С лиц часовых исчезли надменные улыбки, и один из них, уже совсем серьезно, спросил:
– Вы, сударь, полагаете, что любой, кто считает свои сведения важными, может рассчитывать на аудиенцию Его Высокопреосвященства?
– Я, месье, не смею даже надеяться на встречу с Его Преосвященством, но знаю наверняка, что если бы сержант Констан де Самойль был жив, он бы иначе отнесся к моим словам.
Гордо произнес анжуец, расправив широкие плечи. Гвардейцы переглянулись. Один из них проницательно оглядев на незнакомца, впоследствии так и не соизволив отвести тяжелого взгляда, промолвил:
– Хорошо, ожидайте.
Он не поворачивая головы, словно опасаясь потерять из вида молодого человека, негромко обратился к товарищу.
– Бикара, потрудитесь вызвать господина де Жюссака.
Через некоторое время на крыльце появился человек в сержантском плаще в сопровождении Бикара. Он, приблизившись к незнакомцу, придирчиво оглядев его, задал вопрос.
– Кто вы?
– Моё имя шевалье де Ро, из Анжу.
В глазах сержанта появилась заинтересованность, он ещё раз, с головы до ног смерил юного дворянина, после чего кивком предложил следовать за ним. Поднявшись на крыльцо, де Жюссак обратился к одному из стражей:
– Немедленно найдите Рошфора, мы ожидаем внизу.
****
Тем временем, во втором этаже дворца Пале-Кардиналь, в кабинете Его Высокопреосвященства, граф де Рошфор, капуцин Отец Жозеф и Ришелье склонились над картой города Ла-Рошель. Рошфор, недавно вернувшийся из предместий мятежного города, главной цитадели восставших гугенотов, высказывал свое мнение о пригодности фортификаций и готовности фортов к ведению боевых действий, когда доклад графа прервал лейтенант Ла Удиньер, доставивший кардиналу пакет из Сен-Жермен-ан-Ле, от монарха. Ришелье взволнованно развернул свиток с гербами и печатью короля и впился глазами в строки, написанные лично Его Величеством.
ПИСЬМО:
Кардинал прибывал в скверном расположении духа после того злосчастного, последнего разговора с Людовиком, который мы имели удовольствие наблюдать в королевской резиденции Сен-Жермен-ан-Ле. Его одолевали страхи и сомнения, не отпускавшие даже ночью, лишив министра сна и аппетита. И лишь теперь, после прочтения королевского послания, каждая буква которого была пропитана реабилитацией, он позволил себе, надменно улыбнувшись пренебрежительно произнести:
– Всё-таки Господь ошибся, сделав Людовика королем, из него бы получился отменный слуга.

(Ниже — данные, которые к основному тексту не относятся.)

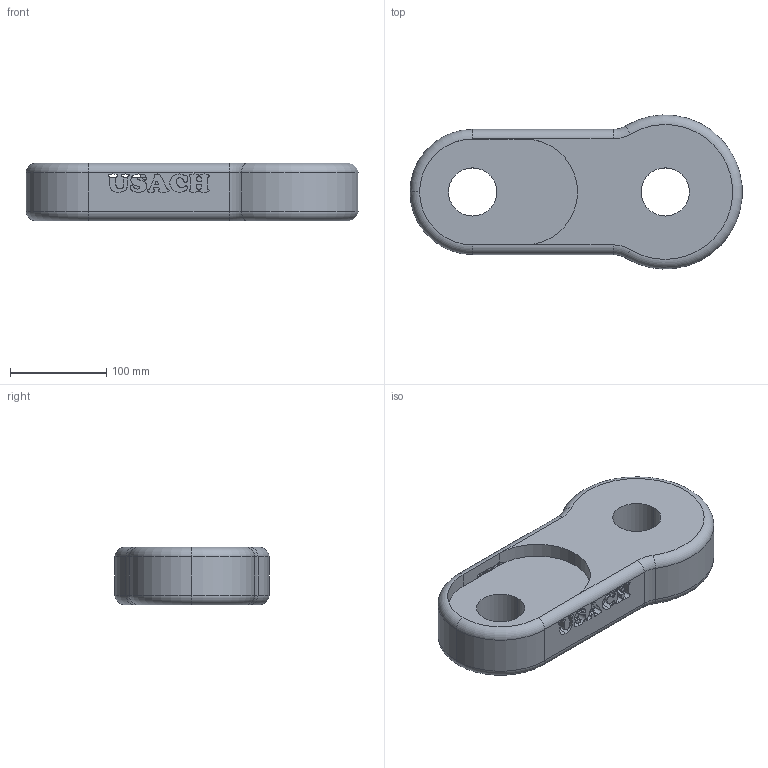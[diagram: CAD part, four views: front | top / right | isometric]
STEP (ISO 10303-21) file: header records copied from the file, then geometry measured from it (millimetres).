
FILE_DESCRIPTION (( 'STEP AP203' ), '1' );
FILE_NAME ('Eslabon1_Predeterminado_sldprt.STEP', '2024-09-30T13:48:30', ( '' ), ( '' ), 'SwSTEP 2.0', 'SolidWorks 2022', '' );
FILE_SCHEMA (( 'CONFIG_CONTROL_DESIGN' ));
Length unit declared in the file: millimetre
Products named in the file (1): Eslabon1_Predeterminado_sldprt
Bounding box: 344.71 x 159.91 x 59.5 mm (x, y, z)
Volume: 1896015.6 mm3; surface area: 159604.4 mm2
Topology: 1 solids, 1 shells, 373 faces, 1074 edges, 704 vertices
Faces by surface type: bspline 306, plane 36, cylinder 19, torus 12
Entity records: 22154 total; most frequent: CARTESIAN_POINT 14394, ORIENTED_EDGE 2148, EDGE_CURVE 1074, VERTEX_POINT 704, DIRECTION 639, B_SPLINE_CURVE_WITH_KNOTS 628, EDGE_LOOP 390, LINE 389
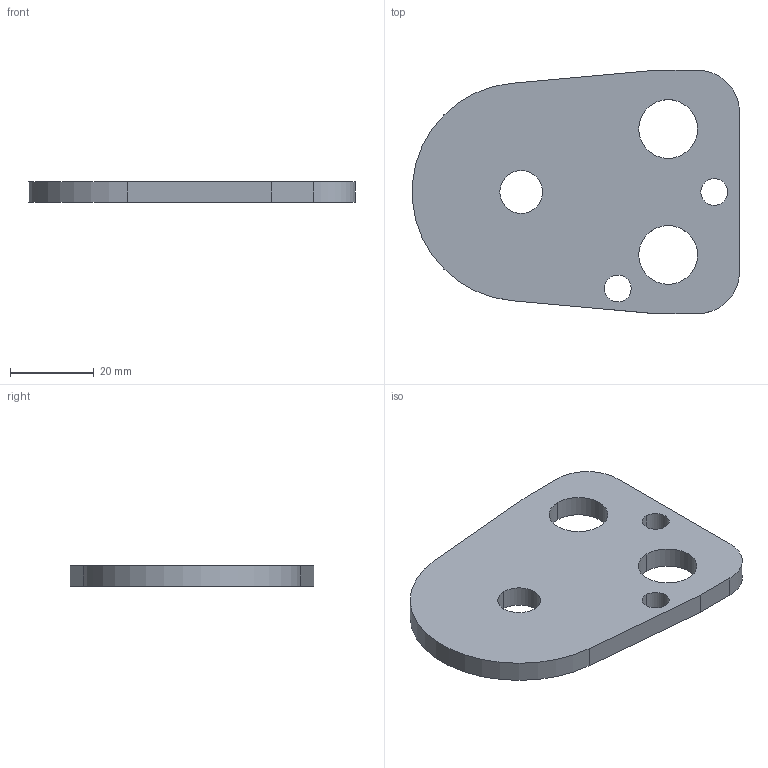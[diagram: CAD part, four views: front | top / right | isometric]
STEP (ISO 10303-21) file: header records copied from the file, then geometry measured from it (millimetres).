
FILE_DESCRIPTION(/* description */ (''),/* implementation_level */ '2;1');
FILE_NAME(/* name */ '3d_bpc38_03421_r00.stp',/* time_stamp */ '2011-01-10T14:17:09+09:00',/* author */ ('MISUMI'),/* organization */ (''),/* preprocessor_version */ 'ST-DEVELOPER v11',/* originating_system */ 'UGS - NX 5.0',/* authorisation */ '');
FILE_SCHEMA (('CONFIG_CONTROL_DESIGN'));
Length unit declared in the file: millimetre
Products named in the file (1): 3d_bpc38_03421_r00
Bounding box: 77.9 x 58 x 5 mm (x, y, z)
Volume: 17442.9 mm3; surface area: 8955.1 mm2
Topology: 1 solids, 1 shells, 20 faces, 54 edges, 36 vertices
Faces by surface type: cylinder 13, plane 7
Entity records: 750 total; most frequent: DIRECTION 122, CARTESIAN_POINT 111, ORIENTED_EDGE 108, EDGE_CURVE 54, AXIS2_PLACEMENT_3D 47, VERTEX_POINT 36, EDGE_LOOP 30, LINE 28
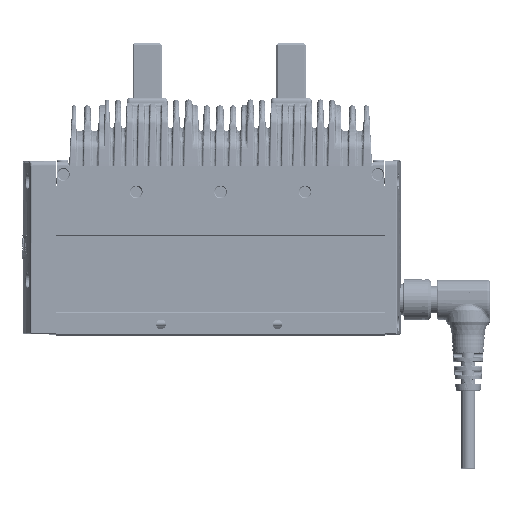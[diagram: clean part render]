
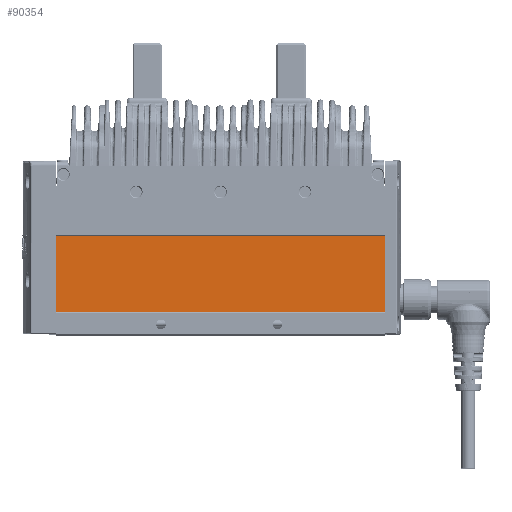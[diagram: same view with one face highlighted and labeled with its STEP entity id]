
A CAD part, top view. The second image highlights one B-rep face of the part: STEP entity #90354.
In plain terms, the highlighted planar face has unit normal (0, 0, 1).
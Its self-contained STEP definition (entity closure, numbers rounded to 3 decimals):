
#10542=PLANE('',#99040);
#15104=FACE_OUTER_BOUND('',#20465,.T.);
#20465=EDGE_LOOP('',(#78442,#78443,#78444,#78445));
#25189=LINE('',#220702,#30332);
#25215=LINE('',#220833,#30358);
#25238=LINE('',#220877,#30381);
#25239=LINE('',#220879,#30382);
#30332=VECTOR('',#118849,1000.);
#30358=VECTOR('',#118995,1000.);
#30381=VECTOR('',#119028,1000.);
#30382=VECTOR('',#119031,1000.);
#42905=VERTEX_POINT('',#220699);
#42906=VERTEX_POINT('',#220701);
#42950=VERTEX_POINT('',#220830);
#42951=VERTEX_POINT('',#220832);
#55151=EDGE_CURVE('',#42906,#42905,#25189,.T.);
#55217=EDGE_CURVE('',#42950,#42951,#25215,.T.);
#55240=EDGE_CURVE('',#42950,#42906,#25238,.T.);
#55241=EDGE_CURVE('',#42951,#42905,#25239,.T.);
#78442=ORIENTED_EDGE('',*,*,#55151,.T.);
#78443=ORIENTED_EDGE('',*,*,#55241,.F.);
#78444=ORIENTED_EDGE('',*,*,#55217,.F.);
#78445=ORIENTED_EDGE('',*,*,#55240,.T.);
#90354=ADVANCED_FACE('',(#15104),#10542,.F.);
#99040=AXIS2_PLACEMENT_3D('',#220878,#119029,#119030);
#118849=DIRECTION('',(0.,-1.,0.));
#118995=DIRECTION('',(0.,-1.,0.));
#119028=DIRECTION('',(-1.,0.,0.));
#119029=DIRECTION('center_axis',(0.,0.,
-1.));
#119030=DIRECTION('ref_axis',(0.,1.,0.));
#119031=DIRECTION('',(-1.,0.,0.));
#220699=CARTESIAN_POINT('',(-56.,8.122,16.2));
#220701=CARTESIAN_POINT('',(-56.,34.45,16.2));
#220702=CARTESIAN_POINT('',(-56.,34.45,16.2));
#220830=CARTESIAN_POINT('',(57.,34.45,16.2));
#220832=CARTESIAN_POINT('',(57.,8.122,16.2));
#220833=CARTESIAN_POINT('',(57.,34.45,16.2));
#220877=CARTESIAN_POINT('',(57.,34.45,16.2));
#220878=CARTESIAN_POINT('Origin',(57.,34.45,16.2));
#220879=CARTESIAN_POINT('',(57.,8.122,16.2));
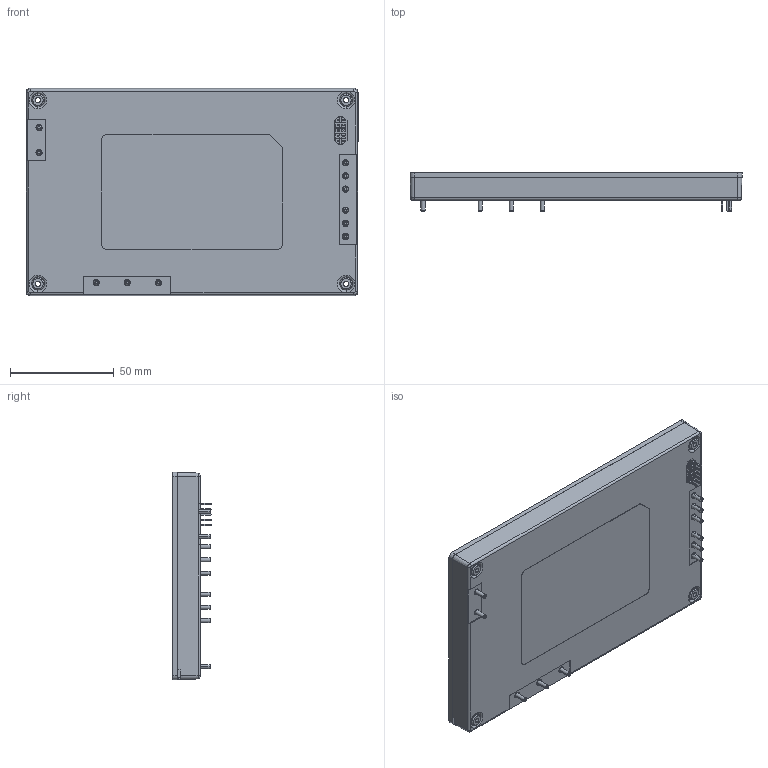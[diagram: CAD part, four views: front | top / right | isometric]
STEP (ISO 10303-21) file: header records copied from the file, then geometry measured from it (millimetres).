
FILE_DESCRIPTION (( 'STEP AP214' ), '1' );
FILE_NAME ('pfe1000fa_outline.STEP', '2016-03-30T01:26:40', ( 'tluser' ), ( '' ), 'SwSTEP 2.0', 'SolidWorks 2013', '' );
FILE_SCHEMA (( 'AUTOMOTIVE_DESIGN' ));
Length unit declared in the file: millimetre
Products named in the file (1): pfe1000fa_outline
Bounding box: 160 x 18.55 x 100 mm (x, y, z)
Volume: 207198.2 mm3; surface area: 39813.9 mm2
Topology: 1 solids, 1 shells, 369 faces, 871 edges, 552 vertices
Faces by surface type: plane 224, cylinder 91, torus 34, cone 20
Entity records: 14658 total; most frequent: DIRECTION 1879, CARTESIAN_POINT 1817, ORIENTED_EDGE 1742, EDGE_CURVE 871, AXIS2_PLACEMENT_3D 646, LINE 587, VECTOR 587, VERTEX_POINT 552

Оставив без внимания вопрошающие взгляды капуцина и графа, Ришелье бережно спрятал письмо в ящик стола, и как будто ни в чем не бывало, вернулся к обсуждению крепостных укреплений взбунтовавшегося города. Он коснулся карты, острием ширококонечного пера, в том месте, где на голубоватом поле, обозначавшем воды Бискайского залива, было нанесено коричневое пятнышко, и протяжно произнес:
– Рошфор, потрудитесь уделить особое внимание, в вашем докладе, форту Святого-Мартина, на острове Рэ.
В этот момент в кабинет вошел господин де Бутилье, в его вальяжной походке и кичливой осанке улавливалось что-то от пса, отличившегося на охоте, что доставило хозяину немалое удовольствие. Он, сияя будто новый пистоль, поклонился кардиналу и поприветствовал всех присутствующих. Министр, оторвавшись от карты, внимательно оглядел сюринтенданта финансов:
– Глядя на вас, любезный Бутилье, верится, что пробил час второго пришествия.
Бутилье еще раз поклонился, прикрыв глаза от удовольствия.
– Ваше Преосвященство, я выполнил то, чего вы от меня, так давно, ждали.
Ришелье, впрочем, как и все остальные, кто находился на совете, непонимающе поглядел на сюринтенданта. Тот, выпучив глаза, переложил из руки в руку кожаную папку, почувствовав некоторую неловкость, застыл в ожидании.
– Бога ради, месье де Бутилье, я ждал от вас взятия Зальцбурга и восхождения на Апостольский престол в Риме, не томите, говорите по делу.
Сюринтендант, исполненный покорности, поклонился.